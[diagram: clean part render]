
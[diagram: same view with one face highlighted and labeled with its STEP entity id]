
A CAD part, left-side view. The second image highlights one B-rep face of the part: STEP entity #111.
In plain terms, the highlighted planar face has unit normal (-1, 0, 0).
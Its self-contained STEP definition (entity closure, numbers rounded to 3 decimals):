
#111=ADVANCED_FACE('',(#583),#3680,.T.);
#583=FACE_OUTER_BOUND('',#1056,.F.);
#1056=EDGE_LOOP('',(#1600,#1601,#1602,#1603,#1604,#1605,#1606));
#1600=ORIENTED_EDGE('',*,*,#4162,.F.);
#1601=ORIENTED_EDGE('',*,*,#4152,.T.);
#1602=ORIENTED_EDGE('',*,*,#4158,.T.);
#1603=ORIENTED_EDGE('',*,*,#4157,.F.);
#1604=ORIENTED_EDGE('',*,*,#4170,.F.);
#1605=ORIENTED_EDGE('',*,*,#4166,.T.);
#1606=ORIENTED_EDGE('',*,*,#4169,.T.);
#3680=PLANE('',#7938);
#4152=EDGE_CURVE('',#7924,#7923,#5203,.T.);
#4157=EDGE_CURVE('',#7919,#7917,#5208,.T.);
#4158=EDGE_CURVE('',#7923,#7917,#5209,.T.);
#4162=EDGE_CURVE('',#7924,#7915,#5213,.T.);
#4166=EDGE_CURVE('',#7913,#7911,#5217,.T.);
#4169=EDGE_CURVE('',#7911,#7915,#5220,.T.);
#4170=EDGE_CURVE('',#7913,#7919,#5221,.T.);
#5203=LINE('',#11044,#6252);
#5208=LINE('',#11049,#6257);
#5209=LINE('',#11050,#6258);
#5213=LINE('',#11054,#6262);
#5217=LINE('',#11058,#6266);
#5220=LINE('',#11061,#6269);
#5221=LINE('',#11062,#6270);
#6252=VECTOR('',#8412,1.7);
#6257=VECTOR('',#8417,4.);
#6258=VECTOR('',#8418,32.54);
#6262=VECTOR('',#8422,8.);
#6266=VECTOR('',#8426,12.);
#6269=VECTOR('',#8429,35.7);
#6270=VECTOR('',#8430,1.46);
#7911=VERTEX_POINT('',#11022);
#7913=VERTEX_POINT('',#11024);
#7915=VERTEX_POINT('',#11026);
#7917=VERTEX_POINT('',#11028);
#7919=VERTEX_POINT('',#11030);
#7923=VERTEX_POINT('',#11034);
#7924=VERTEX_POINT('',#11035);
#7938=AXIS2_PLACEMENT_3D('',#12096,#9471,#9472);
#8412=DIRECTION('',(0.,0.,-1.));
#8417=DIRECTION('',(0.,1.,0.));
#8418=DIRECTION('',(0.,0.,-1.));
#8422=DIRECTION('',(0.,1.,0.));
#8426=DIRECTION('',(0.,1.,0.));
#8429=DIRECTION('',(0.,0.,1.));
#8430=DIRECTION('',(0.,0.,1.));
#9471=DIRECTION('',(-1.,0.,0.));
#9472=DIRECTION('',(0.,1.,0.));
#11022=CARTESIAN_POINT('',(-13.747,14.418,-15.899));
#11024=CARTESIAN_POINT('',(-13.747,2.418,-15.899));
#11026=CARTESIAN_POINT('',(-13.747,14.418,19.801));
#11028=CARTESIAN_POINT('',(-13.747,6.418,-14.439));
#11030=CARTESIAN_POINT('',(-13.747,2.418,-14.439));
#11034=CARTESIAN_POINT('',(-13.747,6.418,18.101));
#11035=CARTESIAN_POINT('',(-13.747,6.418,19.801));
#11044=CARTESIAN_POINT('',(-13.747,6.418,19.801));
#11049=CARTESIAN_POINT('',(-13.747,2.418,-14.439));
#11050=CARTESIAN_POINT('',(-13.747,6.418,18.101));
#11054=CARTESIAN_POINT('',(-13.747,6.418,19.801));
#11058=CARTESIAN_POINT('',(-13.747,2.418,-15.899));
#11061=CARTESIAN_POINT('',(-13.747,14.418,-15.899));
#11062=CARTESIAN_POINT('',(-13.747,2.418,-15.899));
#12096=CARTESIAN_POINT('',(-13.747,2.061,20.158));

##########

Each entry, from start to finish, must be restated exactly.

[diagram: clean part render]
[diagram: same view with one face highlighted and labeled with its STEP entity id]
A CAD part, left-side view. The second image highlights one B-rep face of the part: STEP entity #111.
In plain terms, the highlighted planar face has unit normal (-1, 0, 0).
Its self-contained STEP definition (entity closure, numbers rounded to 3 decimals):
#111=ADVANCED_FACE('',(#583),#3680,.T.);
#583=FACE_OUTER_BOUND('',#1056,.F.);
#1056=EDGE_LOOP('',(#1600,#1601,#1602,#1603,#1604,#1605,#1606));
#1600=ORIENTED_EDGE('',*,*,#4162,.F.);
#1601=ORIENTED_EDGE('',*,*,#4152,.T.);
#1602=ORIENTED_EDGE('',*,*,#4158,.T.);
#1603=ORIENTED_EDGE('',*,*,#4157,.F.);
#1604=ORIENTED_EDGE('',*,*,#4170,.F.);
#1605=ORIENTED_EDGE('',*,*,#4166,.T.);
#1606=ORIENTED_EDGE('',*,*,#4169,.T.);
#3680=PLANE('',#7938);
#4152=EDGE_CURVE('',#7924,#7923,#5203,.T.);
#4157=EDGE_CURVE('',#7919,#7917,#5208,.T.);
#4158=EDGE_CURVE('',#7923,#7917,#5209,.T.);
#4162=EDGE_CURVE('',#7924,#7915,#5213,.T.);
#4166=EDGE_CURVE('',#7913,#7911,#5217,.T.);
#4169=EDGE_CURVE('',#7911,#7915,#5220,.T.);
#4170=EDGE_CURVE('',#7913,#7919,#5221,.T.);
#5203=LINE('',#11044,#6252);
#5208=LINE('',#11049,#6257);
#5209=LINE('',#11050,#6258);
#5213=LINE('',#11054,#6262);
#5217=LINE('',#11058,#6266);
#5220=LINE('',#11061,#6269);
#5221=LINE('',#11062,#6270);
#6252=VECTOR('',#8412,1.7);
#6257=VECTOR('',#8417,4.);
#6258=VECTOR('',#8418,32.54);
#6262=VECTOR('',#8422,8.);
#6266=VECTOR('',#8426,12.);
#6269=VECTOR('',#8429,35.7);
#6270=VECTOR('',#8430,1.46);
#7911=VERTEX_POINT('',#11022);
#7913=VERTEX_POINT('',#11024);
#7915=VERTEX_POINT('',#11026);
#7917=VERTEX_POINT('',#11028);
#7919=VERTEX_POINT('',#11030);
#7923=VERTEX_POINT('',#11034);
#7924=VERTEX_POINT('',#11035);
#7938=AXIS2_PLACEMENT_3D('',#12096,#9471,#9472);
#8412=DIRECTION('',(0.,0.,-1.));
#8417=DIRECTION('',(0.,1.,0.));
#8418=DIRECTION('',(0.,0.,-1.));
#8422=DIRECTION('',(0.,1.,0.));
#8426=DIRECTION('',(0.,1.,0.));
#8429=DIRECTION('',(0.,0.,1.));
#8430=DIRECTION('',(0.,0.,1.));
#9471=DIRECTION('',(-1.,0.,0.));
#9472=DIRECTION('',(0.,1.,0.));
#11022=CARTESIAN_POINT('',(-13.747,14.418,-15.899));
#11024=CARTESIAN_POINT('',(-13.747,2.418,-15.899));
#11026=CARTESIAN_POINT('',(-13.747,14.418,19.801));
#11028=CARTESIAN_POINT('',(-13.747,6.418,-14.439));
#11030=CARTESIAN_POINT('',(-13.747,2.418,-14.439));
#11034=CARTESIAN_POINT('',(-13.747,6.418,18.101));
#11035=CARTESIAN_POINT('',(-13.747,6.418,19.801));
#11044=CARTESIAN_POINT('',(-13.747,6.418,19.801));
#11049=CARTESIAN_POINT('',(-13.747,2.418,-14.439));
#11050=CARTESIAN_POINT('',(-13.747,6.418,18.101));
#11054=CARTESIAN_POINT('',(-13.747,6.418,19.801));
#11058=CARTESIAN_POINT('',(-13.747,2.418,-15.899));
#11061=CARTESIAN_POINT('',(-13.747,14.418,-15.899));
#11062=CARTESIAN_POINT('',(-13.747,2.418,-15.899));
#12096=CARTESIAN_POINT('',(-13.747,2.061,20.158));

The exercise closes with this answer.